San Diego Union-Tribune (Sunday)
• New York, Massachusetts introduce more restrictions for visitors.
As the Northeast fights a new surge of coronavirus cases, Massachusetts and New York are revising quarantine rules for travelers.
New York is scrapping its list that required residents of most states to quarantine for 14 days upon arrival in New York and instead, Gov. Andrew Cuomo said Saturday, travelers from all non-neighboring states must test negative twice for COVID-19 before they may stop quarantining.
First, they must test negative for COVID-19 within three days before arriving in New York.
Once in New York, they will have to quarantine for three days and then take a second test. If that’s negative, they do not have to continue to quarantine for a total of 14 days.
Travelers who decide not to get tested will be required to quarantine for 14 days, the governor said.
Massachusetts, meanwhile, is reinstating quarantine rules for travelers who visit the state from Connecticut and New Jersey.
Visitors from the two states will be required to quarantine for two weeks or have proof of a negative COVID-19 test, Boston.com reported.
The Massachusetts Department of Public Health tweeted that the new rules were to go into effect on Saturday. The two states are removed from the Massachusetts “lower risk state list,” the department tweeted.
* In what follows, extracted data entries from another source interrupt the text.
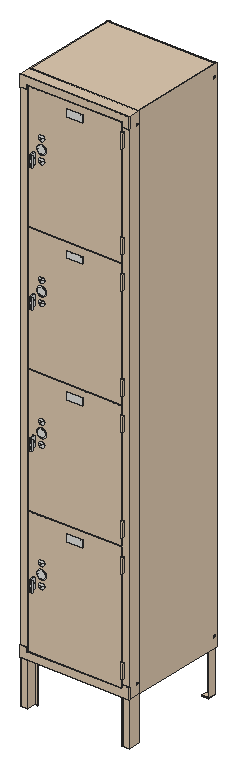
Revit family "Metal_Vented_Lockers-Salsbury_Industries-84000_Series-1_Wide_Units", category Specialty Equipment, Revit 2016 (continued)
Definition of nested family "Metal Locker Legs"
  Automatic sketch dimensions
    Extrusion 2 sketch curve to plane 14 "Inside Edge of Front Leg" = 0.000"
    plane 16 to Extrusion 2 sketch curve = 0.000"
    Extrusion 2 sketch curve to plane 6 "Left Side of Unit" = 0.000"
    plane 9 "Front of Unit" to Extrusion 2 sketch curve = 0.000"
    Extrusion 2 sketch curve to plane 11 "Left Side of Door Opening" = 0.000"
    plane 16 to Extrusion 2 sketch curve = 0.060"
    plane 9 "Front of Unit" to Extrusion 2 sketch curve = 0.060"
    Extrusion 2 sketch curve to plane 11 "Left Side of Door Opening" = 0.060"
    plane 6 "Left Side of Unit" to Extrusion 2 sketch curve = 0.060"
    plane 17 "Back Edge of Rear Legs" to Extrusion 3 sketch curve = 0.000"
    Extrusion 3 sketch curve to plane 21 "Inside Edge or Rear Right Leg" = 0.000"
    Extrusion 3 sketch curve to plane 18 "Right Edge of Rear Right Leg" = 0.000"
    plane 20 to Extrusion 3 sketch curve = 0.000"
    plane 17 "Back Edge of Rear Legs" to Extrusion 3 sketch curve = 0.060"
    plane 18 "Right Edge of Rear Right Leg" to Extrusion 3 sketch curve = 0.060"
    plane 17 "Back Edge of Rear Legs" to Extrusion 4 sketch curve = 0.000"
    Extrusion 4 sketch curve to plane 18 "Right Edge of Rear Right Leg" = 0.000"
    plane 20 to Extrusion 4 sketch curve = 0.000"
    Extrusion 4 sketch curve to plane 21 "Inside Edge or Rear Right Leg" = 0.000"
    plane 17 "Back Edge of Rear Legs" to Extrusion 5 sketch curve = 0.000"
    Extrusion 5 sketch curve to plane 22 "Inside Edge or Left Rear Leg" = 0.000"
    Extrusion 5 sketch curve to plane 19 "Left Edge or Rear Left Leg" = 0.000"
    plane 20 to Extrusion 5 sketch curve = 0.000"
    Extrusion 5 sketch curve to plane 17 "Back Edge of Rear Legs" = 0.060"
    Extrusion 5 sketch curve to plane 19 "Left Edge or Rear Left Leg" = 0.060"
    plane 17 "Back Edge of Rear Legs" to Extrusion 6 sketch curve = 0.000"
    Extrusion 6 sketch curve to plane 19 "Left Edge or Rear Left Leg" = 0.000"
    plane 20 to Extrusion 6 sketch curve = 0.000"
    Extrusion 6 sketch curve to plane 22 "Inside Edge or Left Rear Leg" = 0.000"
Definition of nested family "Vented Metal Locker Doors-15 inch with Latch Hasp"
  Parameters (values of type "Four Tier Door - 6 foot")
    Width = 12.901"
    Visible = yes
    Primary Structure Material = none
    Louver Set Vertical Alignment = 2.731"
    Number Plate Alignment = 0.9375"
    Louver Width = 4.000"
    Hinge 2 Placement = 14.142"
    Hinge 1 Placement = 1.125"
    Height = 17.360"
    Hasp Plate Rivet Material = none
    Hasp Height = 1.438"
    Depth = 0.900"
  Reference planes (in)
    plane 1 "Center (Front/Back)": y = 0
    plane 2 "Bottom of Door": z = 0
    plane 3 "Center (Left/Right)": x = 0
    plane 4 "Center (Top/Bottom)": z = 8.68
    plane 5 "Top of Door": z = 17.36
    plane 6 "Right Side of Door": x = 6.4505
    plane 7 "Left Side of Door": x = -6.4505
    plane 8 "Front of Door": y = -0.45
    plane 9 "Back of Door": y = 0.45
    plane 10 "Top of Number Plate": z = 16.4225
    plane 11 "Top of Hasp Alignment": z = 9.399
    plane 12 "Bottom of Hasp Alignment": z = 7.961
    plane 13 "Left Side of Louvers": x = -2
    plane 14 "Right Side of Louvers": x = 2
    plane 15 "Front of Louvers": y = -0.6375
    plane 16: x = -1.094
    plane 17: x = 1.094
    plane 18: z = 15.4225
    plane 19 "Center Hasp": x = -1.7755
    plane 20 "Top of Hinge 2": z = 3.218
    plane 21 "Top of Hinge 1": z = 16.235
    plane 22 "Left Hasp Hole Align": x = -5.763
    plane 23 "Right Hasp Hole Align": x = -5.513
    plane 24 "Center Hasp Stud Align": z = 10.09841
    plane 25 "Top Hasp Stud Align": z = 11.51682
    plane 26 "Vertical Hasp Stud Align": x = -4.576
    plane 27 "Vertical Center Hasp Align": x = -5.63777
    plane 28: z = 8.08731
    plane 29: z = 2.74873
    plane 30: z = 8.68373
    plane 31: z = 3.93573
    plane 32: z = 3.33931
    plane 33: z = 5.12273
    plane 34: z = 4.52631
    plane 35: z = 3.93573
    plane 36: z = 5.71331
    plane 37: z = 6.30973
    plane 38: z = 6.90031
    plane 39: z = 7.49673
    plane 40: x = -5.26277
    plane 41: x = -5.70027
    plane 42: z = 2.375
  Forms (in)
    Extrusion 1, solid, material <- "Primary Structure Material", visible <- "Visible"
      sketch origin (0, 0, 0) x (1, 0, 0) y (0, 0, 1)
        loop
          line (-6.4505, 17.36) -> (-6.4505, 0) -> (6.4505, 0) -> (6.4505, 17.36) -> (-6.4505, 17.36)
      from -0.45 to 0.45
    Extrusion 2, solid, material <- "Hasp Plate Rivet Material", visible <- "Visible", detail levels medium+fine
      sketch origin (0, -0.45, 0) x (1, 0, 0) y (0, 0, 1)
        loop
          arc (-1.06847, 16.38695) -> (-1.10166, 15.92421) -> (-1.06847, 15.46147) r 3.2426
          arc (-1.06847, 15.46147) -> (0, 15.42272) -> (1.06847, 15.46147) r 14.75
          arc (1.06847, 15.46147) -> (1.10166, 15.92421) -> (1.06847, 16.38695) r 3.2426
          arc (1.06847, 16.38695) -> (0, 16.41487) -> (-1.06847, 16.38695) r 20.45441
      from 0 to 0.03497
    Extrusion 3, void
      sketch origin (-1.7755, -0.13281, 0.04687) x (0, 0, -1) y (0, -1, 0)
        loop
          circle (-8.35677, -0.16411) r 0.2
      from -0.163 to 0.163
    Extrusion 4, solid, material <- "Primary Structure Material", visible <- "Visible", detail levels medium+fine
      sketch origin (0, 0, 16.235) x (0, -1, 0) y (1, 0, 0)
        loop
          line (0.45, 6.4505) -> (0.575, 6.4505)
          arc (0.575, 6.4505) -> (0.7, 6.5755) -> (0.575, 6.7005) r 0.125
          line (0.575, 6.7005) -> (0.45, 6.7005) -> (0.45, 6.4505)
      from 0 to -2
    Extrusion 5, solid, material <- "Primary Structure Material", visible <- "Visible", detail levels medium+fine
      sketch origin (0, 0, 3.218) x (0, -1, 0) y (1, 0, 0)
        loop
          line (0.45, 6.4505) -> (0.575, 6.4505)
          arc (0.575, 6.4505) -> (0.7, 6.5755) -> (0.575, 6.7005) r 0.125
          line (0.575, 6.7005) -> (0.45, 6.7005) -> (0.45, 6.4505)
      from 0 to -2
    Extrusion 6, void
      sketch origin (0, -0.45, 0) x (1, 0, 0) y (0, 0, 1)
        loop
          line (-5.763, 9.399) -> (-5.763, 7.961) -> (-5.513, 7.961) -> (-5.513, 9.399) -> (-5.763, 9.399)
      from -0.9 to 0
    Blend 7, solid, material <- "Hasp Plate Rivet Material", visible <- "Visible", detail levels fine
      base sketch origin (0, -0.45, 0) x (1, 0, 0) y (0, 0, 1)
        loop
          circle (-4.576, 8.68) r 0.375
      top sketch origin (0, -0.45, 0) x (1, 0, 0) y (0, 0, 1)
        loop
          circle (-4.576, 8.68) r 0.09706
      from 0 to 0.03497
    Blend 8, solid, material <- "Hasp Plate Rivet Material", visible <- "Visible", detail levels fine
      base sketch origin (0, -0.45, 2.83682) x (1, 0, 0) y (0, 0, 1)
        loop
          circle (-4.576, 8.68) r 0.375
      top sketch origin (0, -0.45, 2.83682) x (1, 0, 0) y (0, 0, 1)
        loop
          circle (-4.576, 8.68) r 0.09706
      from 0 to 0.03497
    Blend 9, solid, material <- "Hasp Plate Rivet Material", visible <- "Visible", detail levels fine
      base sketch origin (0, -0.45, -0.16841) x (1, 0, 0) y (0, 0, 1)
        loop
          circle (-4.576, 10.26682) r 0.625
      top sketch origin (0, -0.45, -0.16841) x (1, 0, 0) y (0, 0, 1)
        loop
          circle (-4.576, 10.26682) r 0.58088
      from 0 to 0.03497
    Extrusion 10, solid, material <- "Hasp Plate Rivet Material", visible <- "Visible", detail levels fine
      sketch origin (0, 0, 7.961) x (0, -1, 0) y (1, 0, 0)
        loop
          line (-0.45, -5.57527) -> (-0.45, -5.63777) -> (1.2, -5.63777)
          arc (1.2, -5.63777) -> (1.24419, -5.61946) -> (1.2625, -5.57527) r 0.0625
          line (1.2625, -5.57527) -> (1.2625, -5.26277) -> (1.20579, -5.26277) -> (1.20579, -5.5127)
          arc (1.20579, -5.5127) -> (1.18746, -5.55694) -> (1.14322, -5.57527) r 0.06257
          line (1.14322, -5.57527) -> (-0.45, -5.57527)
      from 0 to 1.438
    Extrusion 11, solid, material <- "Hasp Plate Rivet Material", visible <- "Visible", detail levels fine
      sketch origin (0, 0, 7.961) x (0, -1, 0) y (1, 0, 0)
        loop
          line (-0.45, -5.70027) -> (1.2625, -5.70027) -> (1.2625, -5.63777) -> (-0.45, -5.63777) -> (-0.45, -5.70027)
      from 0 to 1.438
    Extrusion 12, void
      sketch origin (-5.513, 0, 0) x (0, 0, -1) y (0, -1, 0)
        loop
          circle (-8.68, 0.82219) r 0.375
      from 0 to 0.25
  Cuts and joins
    Extrusion 3, Extrusion 6 cuts Extrusion 1
    Extrusion 12 cuts Extrusion 10
    Extrusion 12 cuts Extrusion 11
  Lines and regions (in)
    symbolic lines
      curve 1: line (-6.4505, -0.45, 17.36) -> (6.4505, -0.45, 17.36)
      curve 2: line (-6.4505, -0.45, 0) -> (-6.4505, -0.45, 17.36)
      curve 3: line (6.4505, -0.45, 0) -> (-6.4505, -0.45, 0)
      curve 4: line (6.4505, -0.45, 17.36) -> (6.4505, -0.45, 0)
      curve 5: line (-5.763, -0.45, 9.399) -> (-5.26277, -0.45, 9.399)
      curve 6: line (-5.763, -0.45, 7.961) -> (-5.763, -0.45, 9.399)
      curve 7: line (-5.26277, -0.45, 7.961) -> (-5.763, -0.45, 7.961)
      curve 8: line (-5.26277, -0.45, 9.399) -> (-5.26277, -0.45, 7.961)
      curve 9: line (-5.70027, -0.45, 7.961) -> (-5.70027, -0.45, 9.399)
      curve 10: line (-5.513, -0.45, 9.399) -> (-5.513, -1.2625, 9.399)
      curve 11: line (-5.513, -1.2625, 9.399) -> (-5.513, -1.2625, 7.961)
      curve 12: line (-5.513, -1.2625, 7.961) -> (-5.513, -0.45157, 7.961)
      curve 13: line (-5.70027, -0.45, 7.961) -> (-5.63777, -0.45, 7.961)
      curve 14: line (-5.70027, -1.2625, 7.961) -> (-5.70027, -0.45, 7.961)
      curve 15: line (-5.63777, -1.2625, 7.961) -> (-5.70027, -1.2625, 7.961)
      curve 16: line (-5.63777, -0.45, 7.961) -> (-5.63777, -1.2625, 7.961)
      curve 17: line (-5.57527, -0.45, 7.961) -> (-5.57527, -1.14322, 7.961)
      curve 18: line (-5.5127, -1.20579, 7.961) -> (-5.26277, -1.20579, 7.961)
      curve 19: line (-5.26277, -1.20579, 7.961) -> (-5.26277, -1.2625, 7.961)
      curve 20: line (-5.26277, -1.2625, 7.961) -> (-5.57527, -1.2625, 7.961)
      curve 21: arc (-5.5127, -1.20579, 7.961) -> (-5.55694, -1.18746, 7.961) -> (-5.57527, -1.14322, 7.961) r 0.06257
      curve 22: arc (-5.57527, -1.2625, 7.961) -> (-5.61946, -1.24419, 7.961) -> (-5.63777, -1.2, 7.961) r 0.0625
  Dimensions and locks (in)
    equal spacing: plane 5 "Top of Door", plane 4 "Center (Top/Bottom)", plane 2 "Bottom of Door"
    "Height": plane 5 "Top of Door" to plane 2 "Bottom of Door"
    equal spacing: plane 8 "Front of Door", plane 1 "Center (Front/Back)", plane 9 "Back of Door"
    "Depth": plane 8 "Front of Door" to plane 9 "Back of Door"
    equal spacing: plane 7 "Left Side of Door", plane 3 "Center (Left/Right)", plane 6 "Right Side of Door"
    "Width": plane 7 "Left Side of Door" to plane 6 "Right Side of Door"
    "Number Plate Alignment": plane 5 "Top of Door" to plane 10 "Top of Number Plate" to plane 18
    equal spacing: plane 13 "Left Side of Louvers", plane 3 "Center (Left/Right)", plane 14 "Right Side of Louvers"
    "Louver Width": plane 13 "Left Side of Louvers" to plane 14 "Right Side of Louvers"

Failure to comply with the rules could result in a $500 fine per day, state officials said. The lower risk state list includes all of the other New England states, except Rhode Island. It also includes New York, Washington, California, Hawaii and the District of Columbia.
Elsewhere, Maine’s spike in coronavirus cases continued with the rolling average of new daily cases more than doubling since last week from below 30 per day to more than 67 by Oct. 30.
The Maine Department of Health and Human Services also reported an additional death Saturday.
Maine has one of the lowest incidences of the disease in the country, but cases have grown in recent days. The state has reported more than 80 new cases of the virus a day for several days after having not even approached those numbers since May.
The state has had 6,668 cases and 147 deaths, the health department reported.
“We are nearing a phase of exponential growth, if we haven’t entered it already,” Maine Center for Disease Control and Prevention Director Dr. Nirav Shah tweeted.